[Dataset records]
^^^^
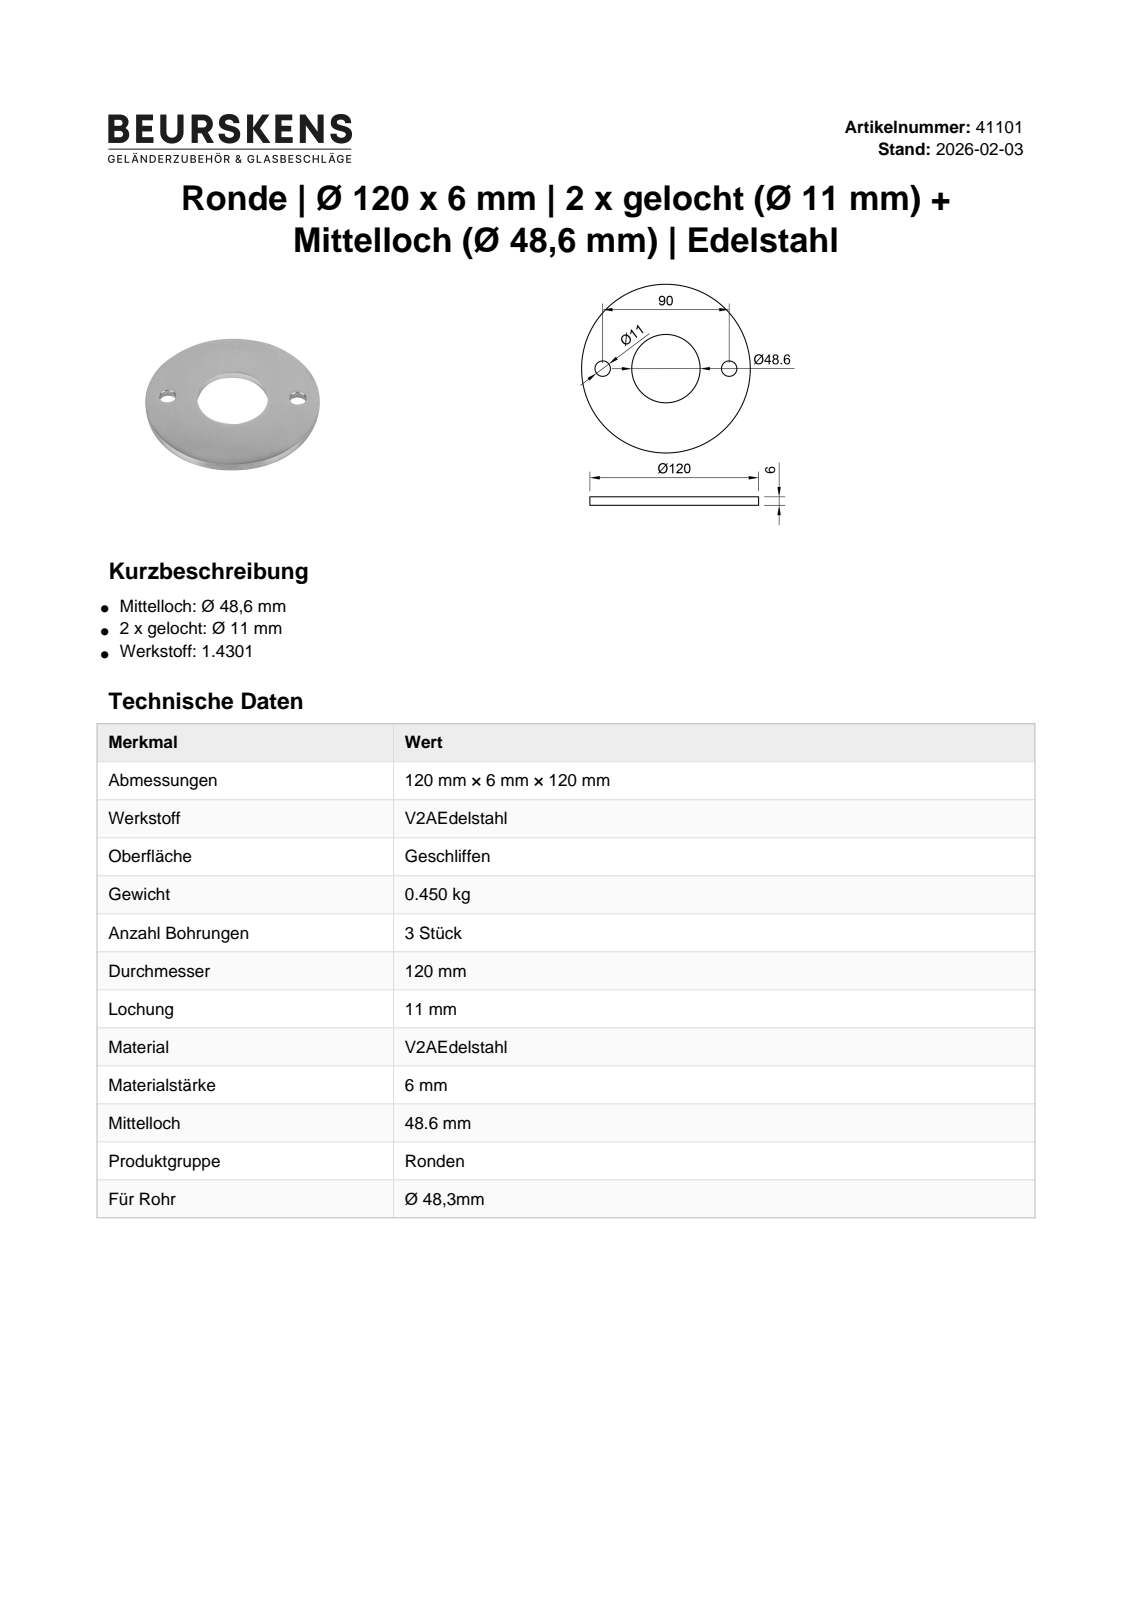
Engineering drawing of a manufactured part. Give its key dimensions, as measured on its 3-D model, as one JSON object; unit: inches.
{"part_name": "41101", "step_written_by": "Autodesk Inventor 2022 (AUTOMOTIVE_DESIGN)", "units": "inches", "bodies": {"solids": 1, "faces": 6, "planar": 2, "cylindrical": 4, "other": 0}, "overall_size": [4.724, 4.724, 0.236], "volume_in3": 3.392, "surface_area_in2": 34.29, "round_holes": [[0.433, 2], [1.913, 1]], "round_bosses_or_shafts": [[4.724, 1]], "face_to_face_distances": [0.236], "hole_center_spacings": [1.772, 3.543]}
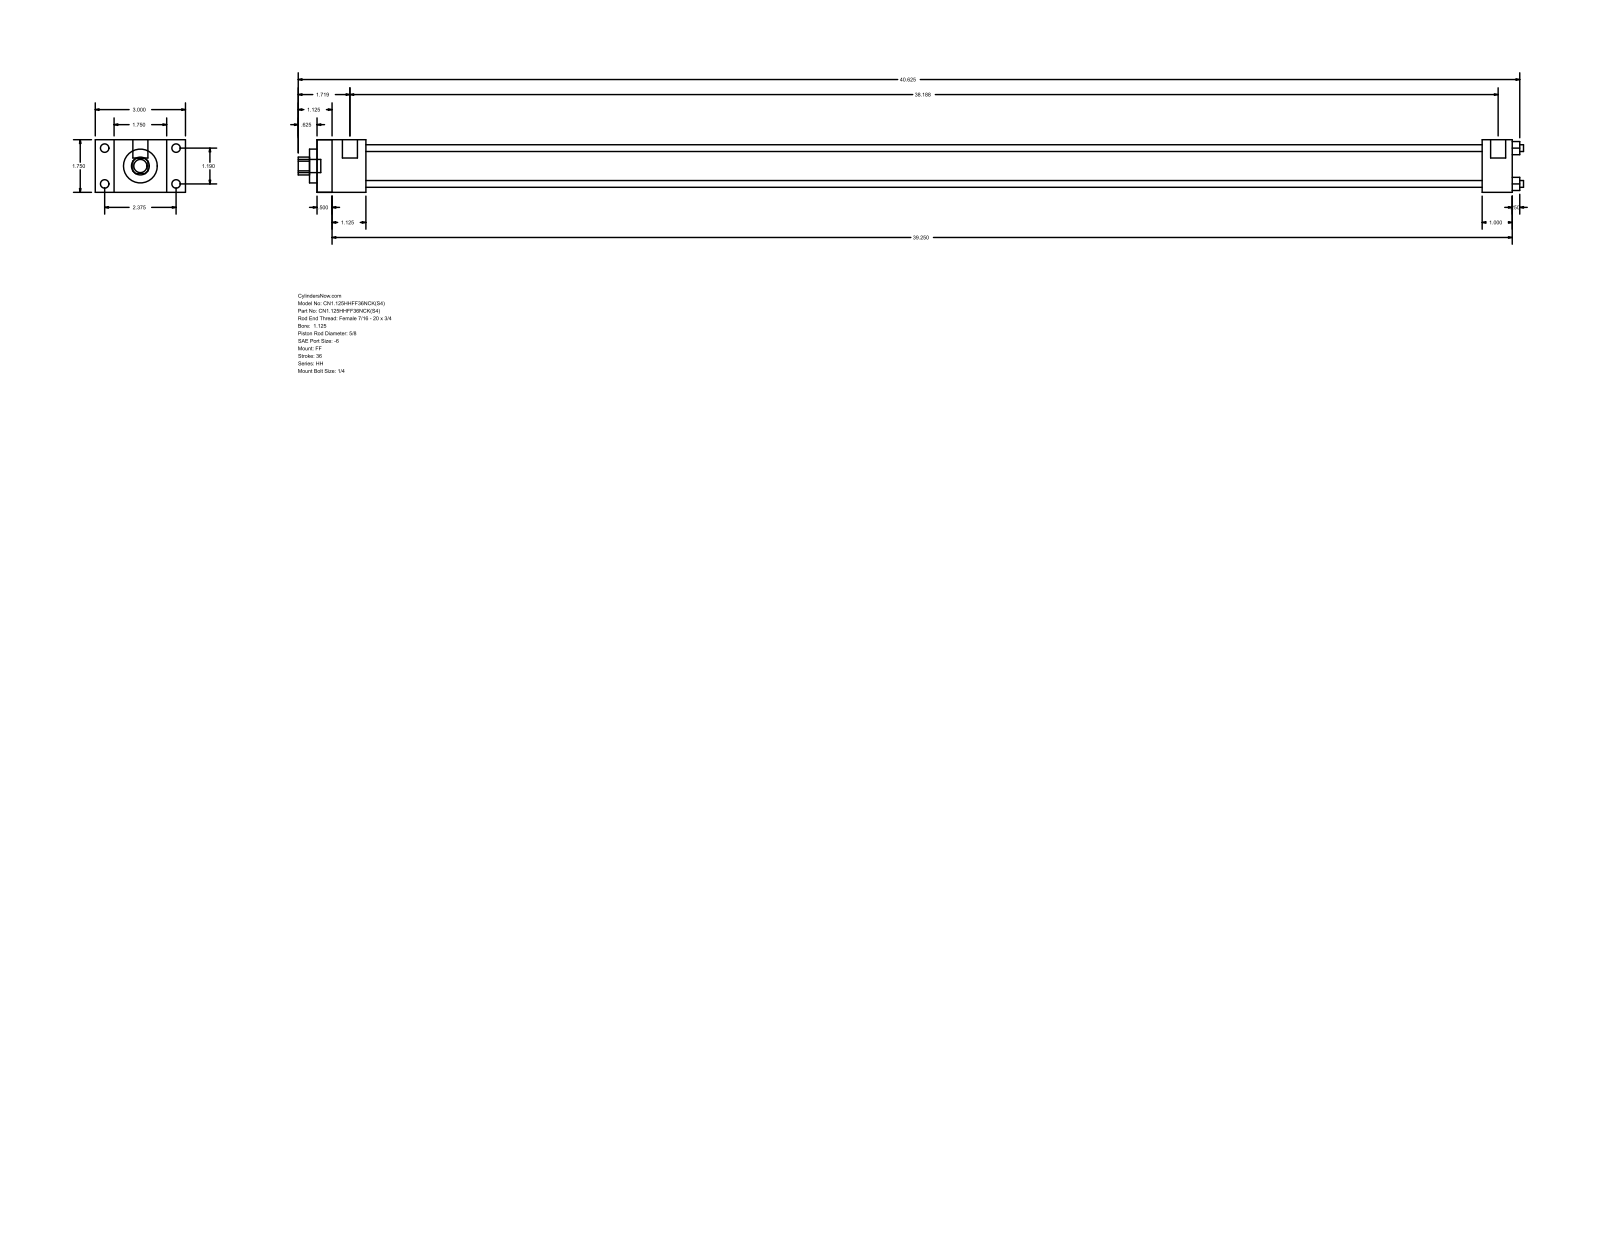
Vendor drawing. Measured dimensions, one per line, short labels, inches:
name: HH_FF__0112_0.625
written by: GSSL Pune (CONFIG_CONTROL_DESIGN)
unit: in
bodies: 0 solids, 92 faces (64 planar, 28 cylindrical, 0 other)
size: 40.75 × 3 × 1.75
holes: 4× ⌀0.225, 1× ⌀0.625, 1× ⌀1.125, 1× ⌀1.375
bosses: 4× ⌀0.281, 4× ⌀0.219, 2× ⌀0.5, 1× ⌀0.437
rounds: 1× R0.297
face distances: 1.75, 39.75, 0.625, 0.5, 39.25, 2.375, 1.125, 1.625, 38.75, 38.25
hole spacings: 0.841, 1.19, 1.683
^^^^
*Work instruction*
Copy exactly the line containing "Vendor drawing. Measured" and each line after it through the end of the records above.

*Exercise answer*
Vendor drawing. Measured dimensions, one per line, short labels, inches:
name: HH_FF__0112_0.625
written by: GSSL Pune (CONFIG_CONTROL_DESIGN)
unit: in
bodies: 0 solids, 92 faces (64 planar, 28 cylindrical, 0 other)
size: 40.75 × 3 × 1.75
holes: 4× ⌀0.225, 1× ⌀0.625, 1× ⌀1.125, 1× ⌀1.375
bosses: 4× ⌀0.281, 4× ⌀0.219, 2× ⌀0.5, 1× ⌀0.437
rounds: 1× R0.297
face distances: 1.75, 39.75, 0.625, 0.5, 39.25, 2.375, 1.125, 1.625, 38.75, 38.25
hole spacings: 0.841, 1.19, 1.683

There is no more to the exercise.